Как выяснилось, мой отец пережил свой собственный так называемый период удаления, когда был в моем возрасте и работал техником в районе залива. Он устал от работы и решил, что накопил достаточно, чтобы все бросить и какое-то время жить очень скромно. Это продолжалось два года. Когда я спросила его, как он провел эти годы, отец сказал, что много читал, катался на велосипеде, изучал математику и электронику, ходил на рыбалку, беседовал со своим другом и соседом по комнате и сидел на холмах, где самостоятельно учился игре на флейте.
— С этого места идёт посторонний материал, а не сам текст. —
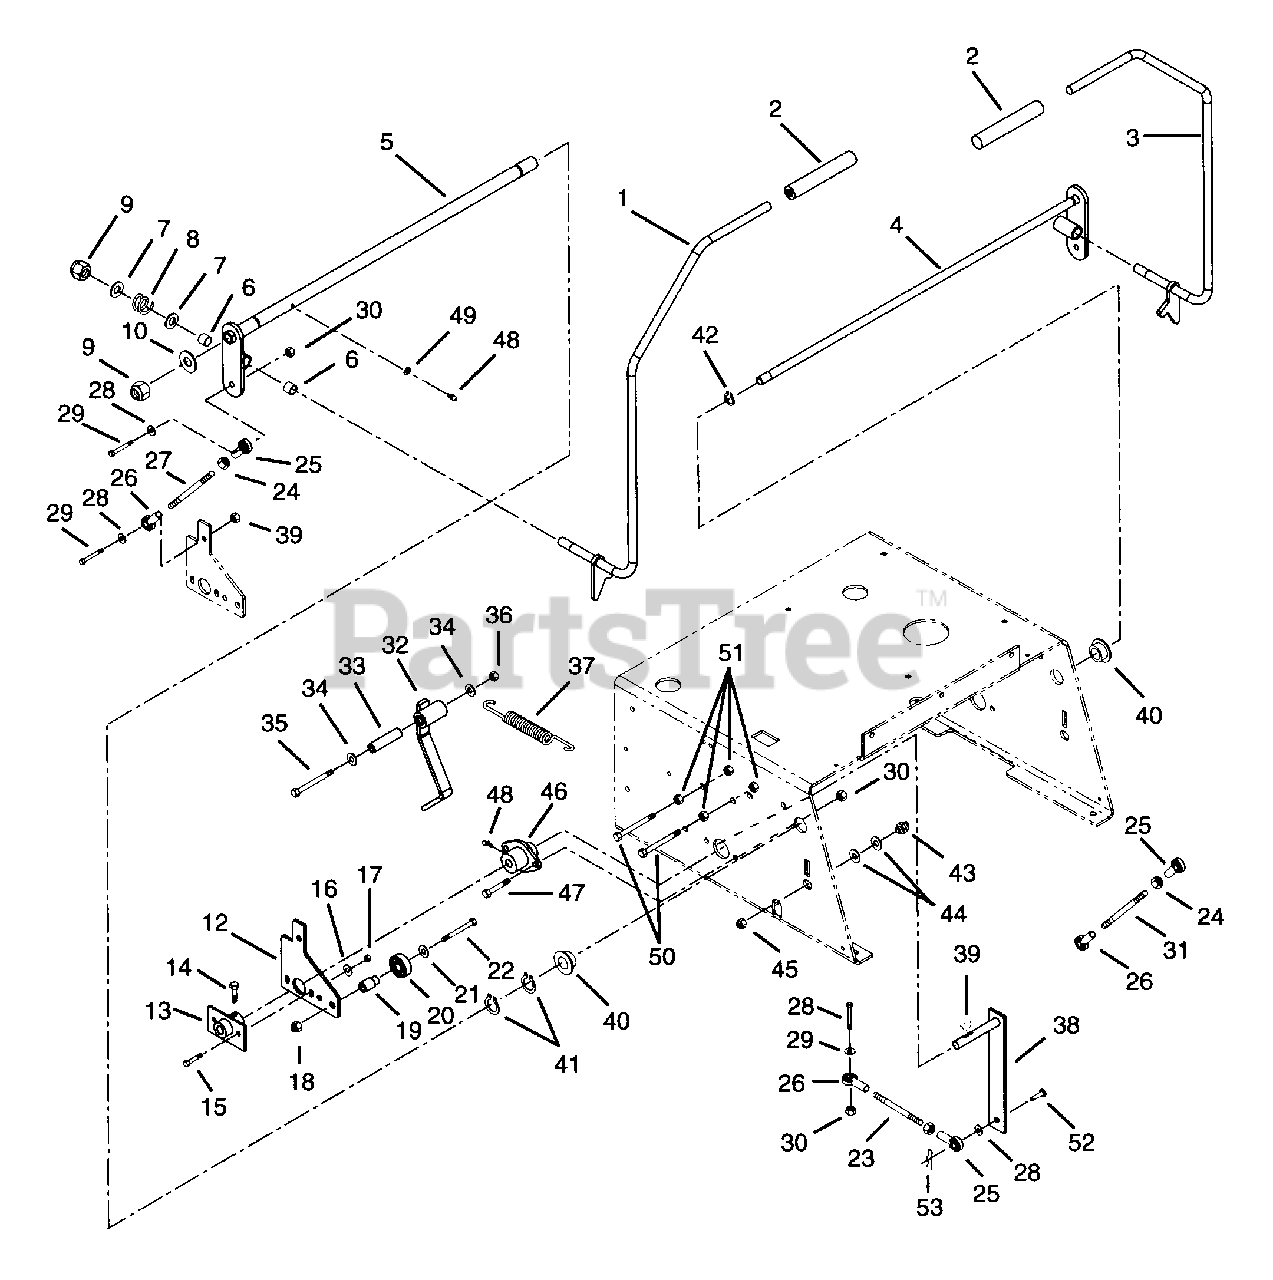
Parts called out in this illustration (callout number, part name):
1	RH STEER-CONTROL LEVER
3	LH STEER-CONTROL LEVER
4	WLDMNT, ROD LH
5	WLDMNT, TUBE RH
6	BUSHING, NYLON .5 X .62 X .5LG
7	WASHER, PLASTIC .12X.53.1.12
8	SPRING, COMPRESSION
9	NUT-LK-CTR-JAM .50-13 YWZC(ND)
10	WSHR-FL-STL .531X1.062X.095
11	PIN-HAIR INT .08X.18X1.18
12	ARM,SPEED CONTROL
13	ARM, SPEED CONTROL
14	BLT-HEX .25-20X.50 PL GR5
15	BLT-HEX .25-20X.75 PL GR5
16	WSHR-FL-STL.281X.62X.065 PL
17	NUT-LK-NYL .250-20 PL
18	NUT-LK-NYL .375-16 PL
19	HUB, BRG. MOUNT
20	BRG-BALL .500X1.375X.437
21	WSHR-FL-STL.406X.812X.065PL
22	BLT-HEX .38-16X2.00 PL GR5
23	ROD TRANS CONTROL RH
24	NUT-HEX .312-24 PL
25	ROD END, 5/16 RH - FEMALE
26	ROD END, 5\16 LH - FEMALE
27	ROD, CONTROL LEVER
28	WSHR-FL-STL.344X.688X.065PL
29	BLT-HEX .31-18X1.25 PL GR5
30	NUT-LK-NYL.312-18 PL
31	ROD, TRANS CONTROL LH
32	WLDM'T, NEUTRAL DETENT
33	BUSH.,S.385X.610X1.80 ST
34	WSHR-FL-STL.406X.812X.065PL
35	BLT-HEX .38-16X2.75 PL GR5
36	NUT-LK-NYL .375-16 PL
37	SG-TENS .085X.60X5.13 WLD8.3
38	WLDMNT, PUMP CONTROL
39	KEY-WDRF .125X.75
40	BSHG-FLG .762X1.0X.580X1.48 NY
41	RG-RTNG-EXT .689X.078
42	RG-RTNG-EXT .500X.460
43	SWITCH, NEUTRAL START N.O.
44	WSHR-FL-STL.563X1.37X.109PL
45	NUT-STAMPED .56-18
46	BUSHING, FLANGED
47	BLT-HEX .31-18X1.00 PL GR5
48	FTG-LUBE .25-28X.256 YWZC
49	WSHR-FL-STL .265X.500X.087 PL
50	BLT-HEX .38-16X3.00
51	NUT-HEX .375-16
52	PIN-CLEV .312X.822 HDND PL
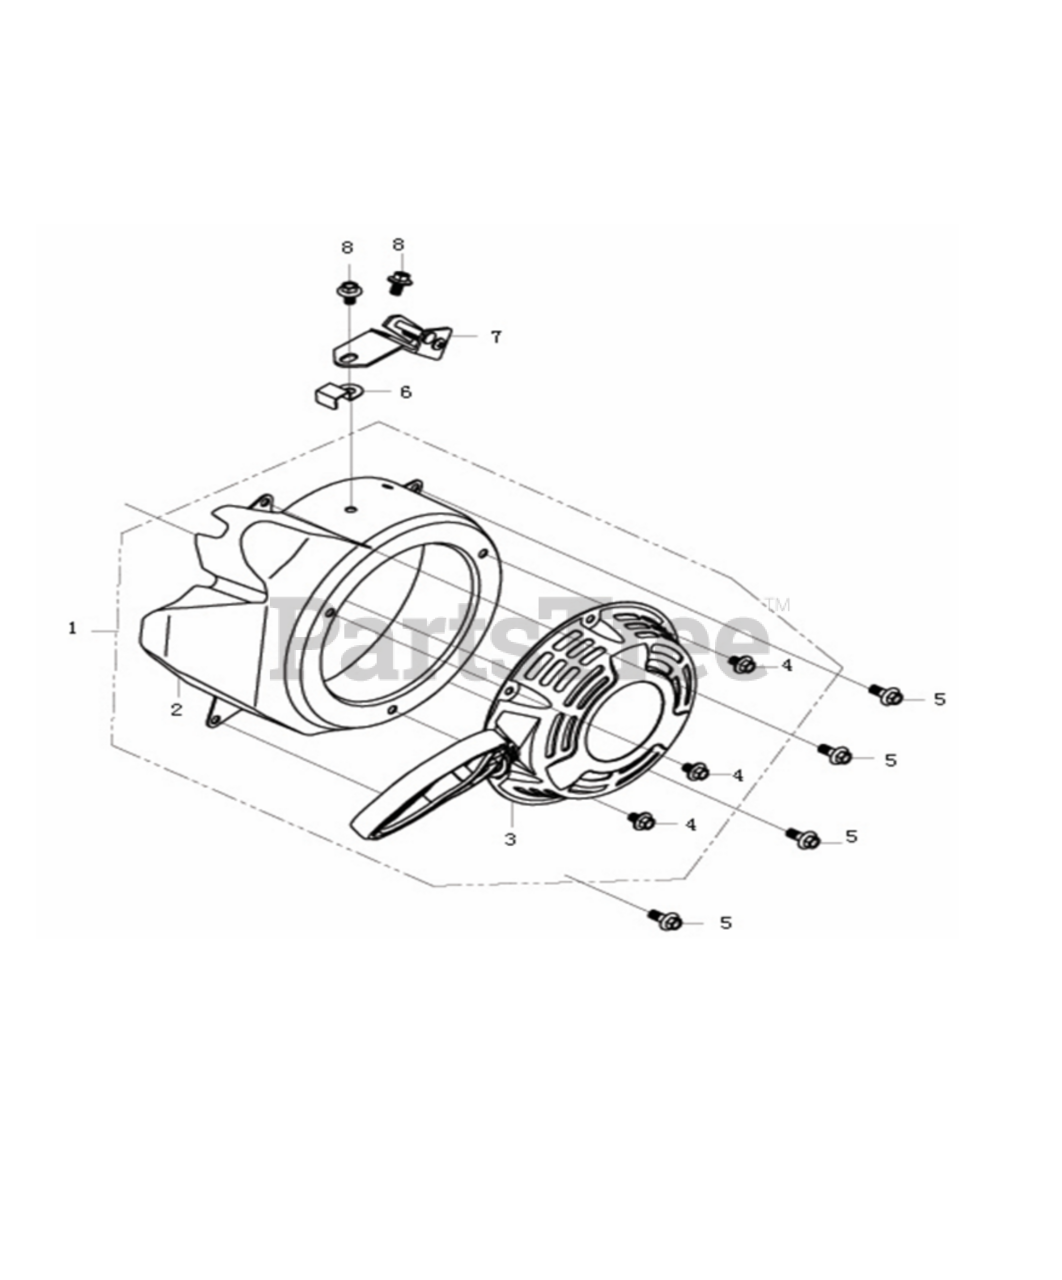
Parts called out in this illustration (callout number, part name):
1	Manual starting assembly
2	Fan cover comp.
3	Recoil Assembly
4	Hexagon bolt with flange
5	Hexagon bolt with flange
6	Cable cleat
7	Throttle handle combination
8	Hexagon bolt with flange
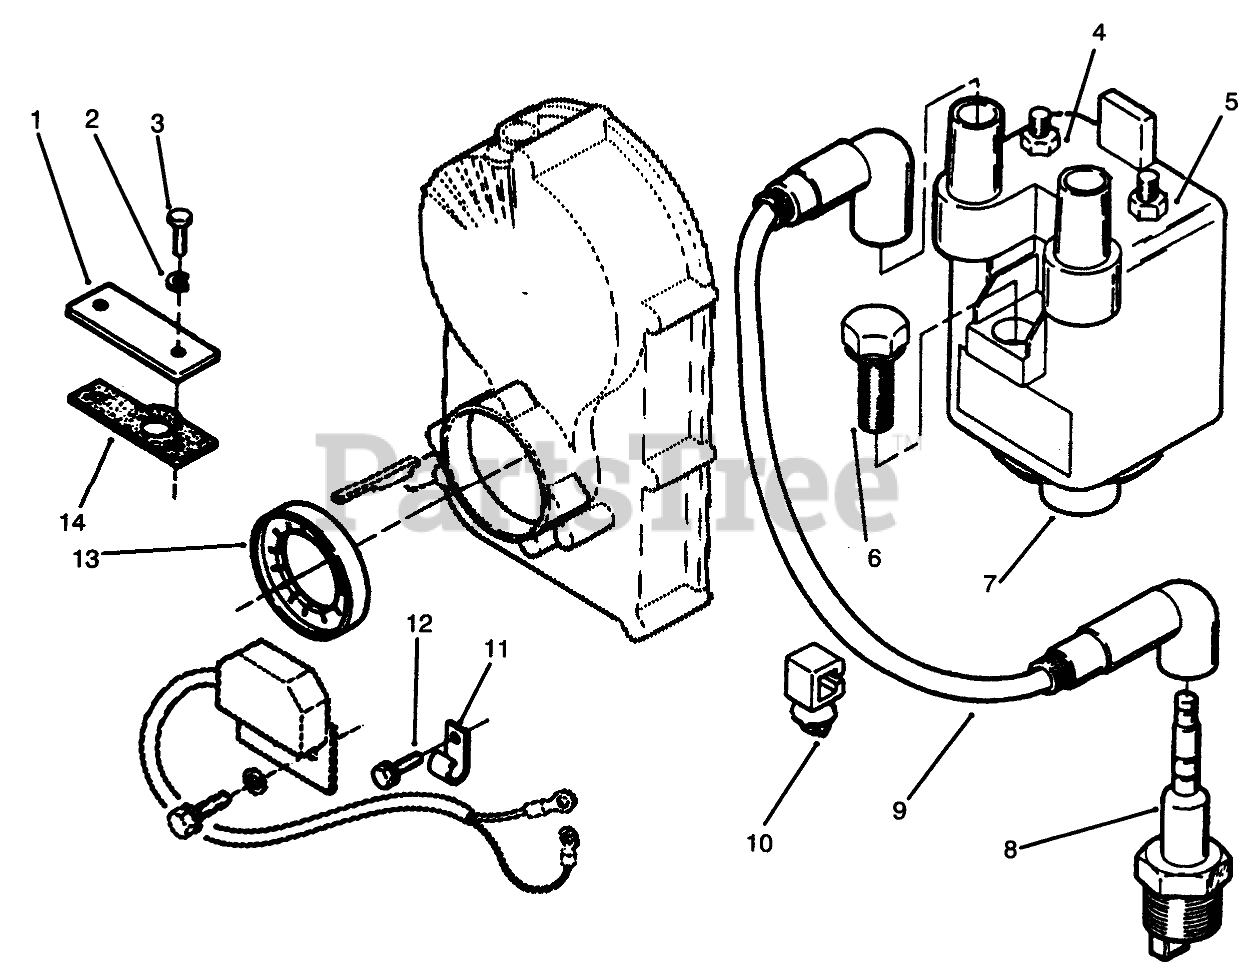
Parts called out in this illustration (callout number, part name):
1	PLATE-COVER
2	WASHER-FLAT
3	SCREW - CAP HEX HEAD
4	NUT-HEX FLANGE
5	NUT-HEX FLANGE
6	HEX-HEAD CAP SCREW
7	Coil-Battery Ignition (Incl. Ref. #4-5)
8	SPARK PLUG
9	Wire-Plug
10	WIRE ROUTING CLIP
11	CLIP-WIRE
12	SCREW-HH
13	ROTOR-IGNITION
14	Gasket-Plate
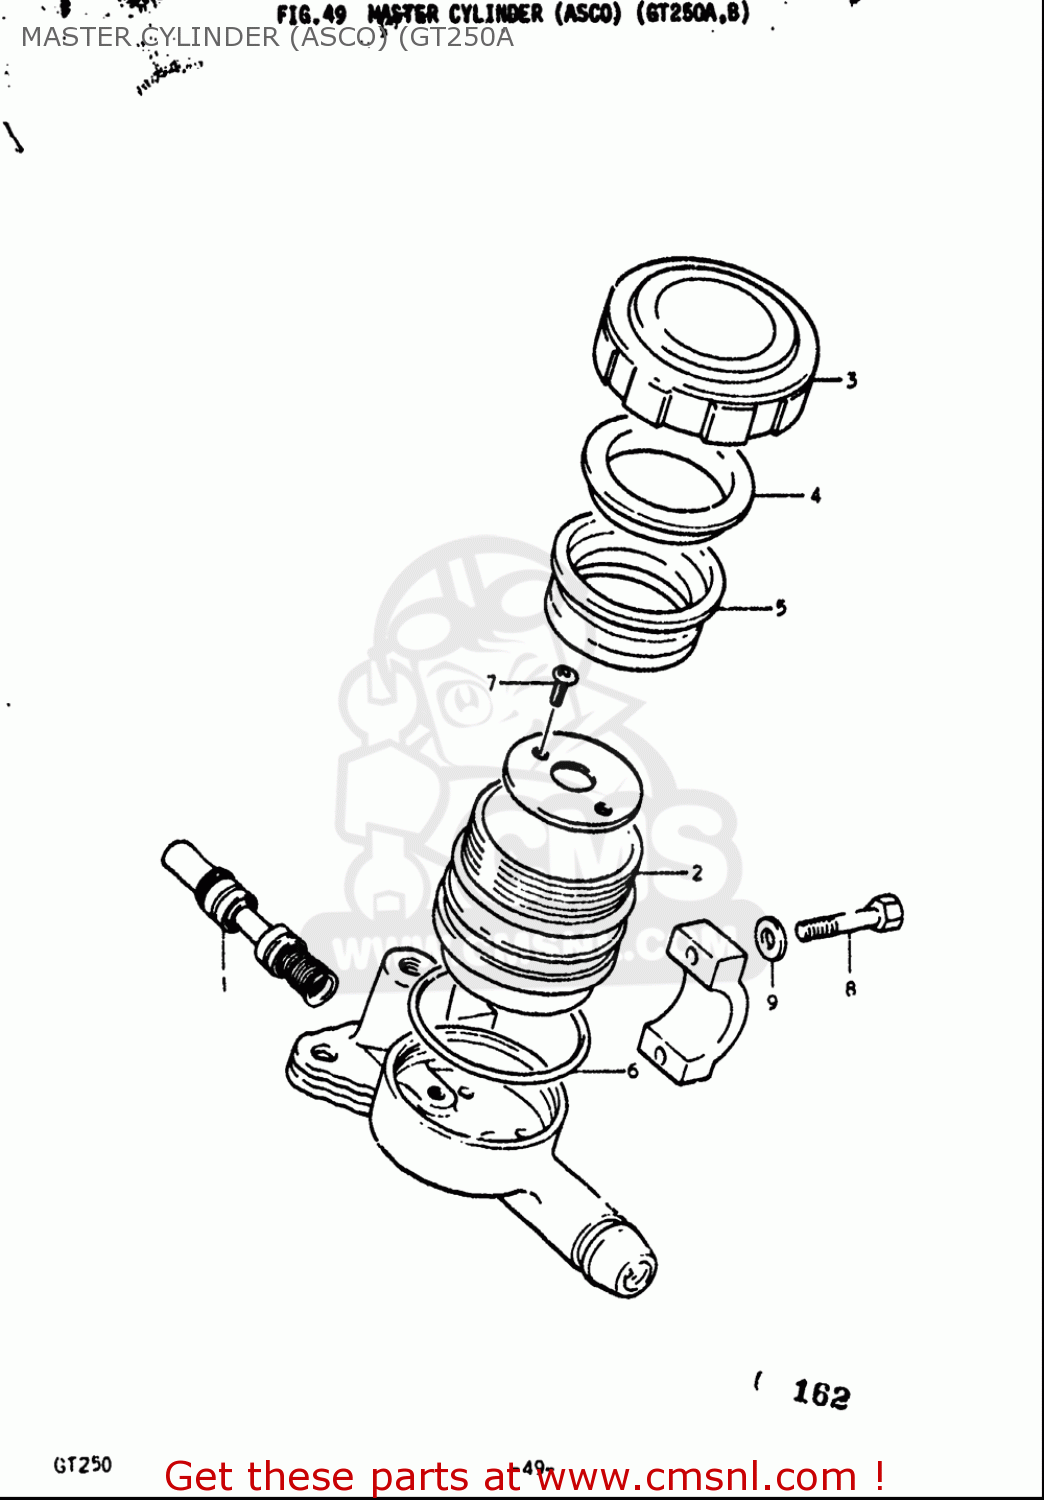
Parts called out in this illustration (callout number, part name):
1	PISTON & CUP SET
2	RESERVOIR
4	PLATE
5	DIAPHRAGM
6	O RING
8	BOLT
9	WASHER
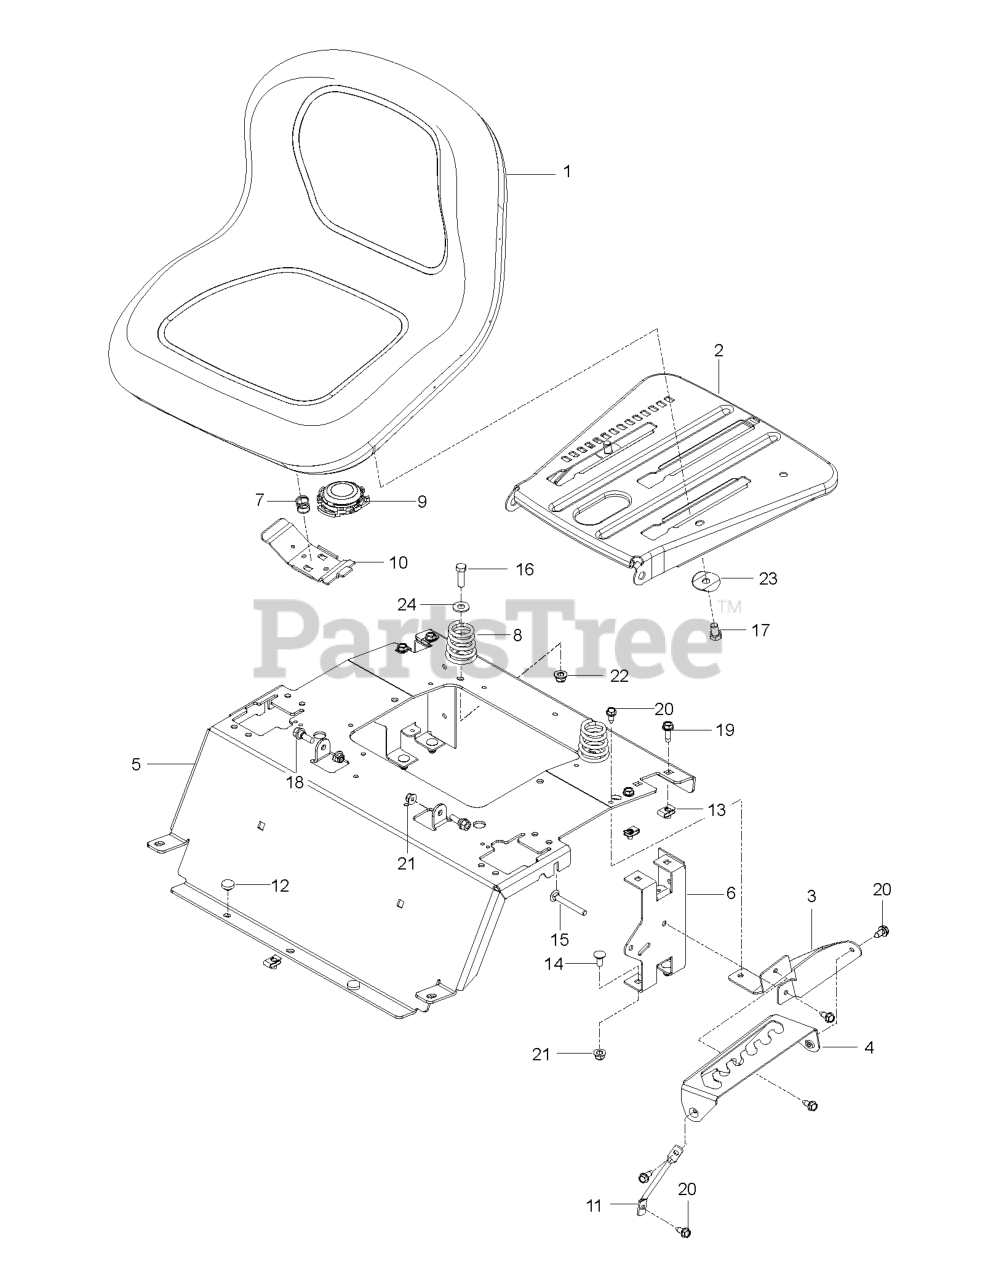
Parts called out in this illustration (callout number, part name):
1	SEAT.TH150.MS498.GRY.HUSQ.TEX
2	Seat Slide Plate, Pnt
3	PLATE.SUPPORT.DECK.LIFT.X431
4	PLATE.DECK.LIFT.X431
5	PLATE.SUPPORT.SEAT.RZ.ORANGE
6	SUPPORT REAR SEAT BLACK
7	SPRING.LATCH.SEAT.TEX
8	SPRING.COMPRESS.SEAT.
9	SWITCH.SEAT.DELTA.OPC.
10	HANDLE.SLIDE.SEAT.TEX.BLACK
11	SUPPORT.LEG.DECK.LIFT
12	GROMMET.BUMPER
13	U-CLIP 5/16-18 NUT RETAINER
14	BOLT 5/16-18 X3/4 ZN/YEL GR 5
15	RHSNB 5/16-18 X 2-1/2 GR5 ZD
16	BOLT
17	HCS 3/8-16 X 5/8 GR 5 ZD
18	BOLT, SHOULDER
19	SCREW
20	BOLT.5/16HEX.WHS.HD
21	5/16-18 NYLOC FLANGE NUT
22	NUT 3/8-16 HEX FLG NYLOC ZD
23	Winged Washer, 38Id 1
24	WASHER 3/8 FLAT

Через некоторое время отец понял, что собственный гнев по поводу работы и внешних обстоятельств влияет на него гораздо сильнее, чем он думал. Как он выразился: «Вы всегда наедине с самим собой и собственным дерьмом, и вам с этим жить». Но это время также научило его многому – он познал состояние творчества и открытости и, возможно, даже скуки или ничегонеделания. Мне вспоминается лекция Джона Клиза (из «Монти Пайтона») 1991 года о творчестве, в котором два из пяти обязательных факторов, которые он перечисляет, – это время:

1. Пространство.

2. Время.

3. Время.

4. Уверенность.

5. Утонченный юмор.

Итак, в конце концов отец огляделся в поисках другой работы и понял, что прошлая на самом деле была не так уж и плоха. К счастью, его без колебаний взяли обратно. Но поскольку отец открыл для себя нечто, необходимое для его собственного творчества, в этот раз все было уже совсем не так, как раньше. С новой энергией и взглядом на свою работу он прошел путь от техника до инженера и на настоящий момент имеет около двенадцати зарегистрированных патентов. По сей день он настаивает, что все лучшие идеи приходят к нему на вершине холма после долгой поездки на велосипеде.

Это натолкнуло меня на мысль, что, возможно, уровень детализации внимания, достигаемый вовне, распространяется и внутрь, так что по мере того как детали восприятия нашего окружения раскрываются удивительным образом, то же самое происходит и с нашим внутренним миром со всеми его сложностями и противоречиями. Мой отец сказал, что выход за привычные рамки заставил его понять свое отношение не только к работе, а к целому миру, и впредь после этого все, что происходило на службе, казалось ему лишь небольшой частью чего-то намного большего. Это напоминает мне, как Джон Мьюир называл себя не натуралистом, а «поэтом-бродягой-геологом-ботаником или орнитологом-натуралистом и т. д. и т. п.», или как Полина Оливерос описывала себя в 1974 году:

Полина Оливерос – двуногое существо, женщина, лесбиянка, музыкант и композитор среди всего прочего, что также способствует ее идентичности. Она сама по себе и живет со своим партнером… вместе со сборной солянкой из птиц, собак, кошек, кроликов и тропических раков-отшельников.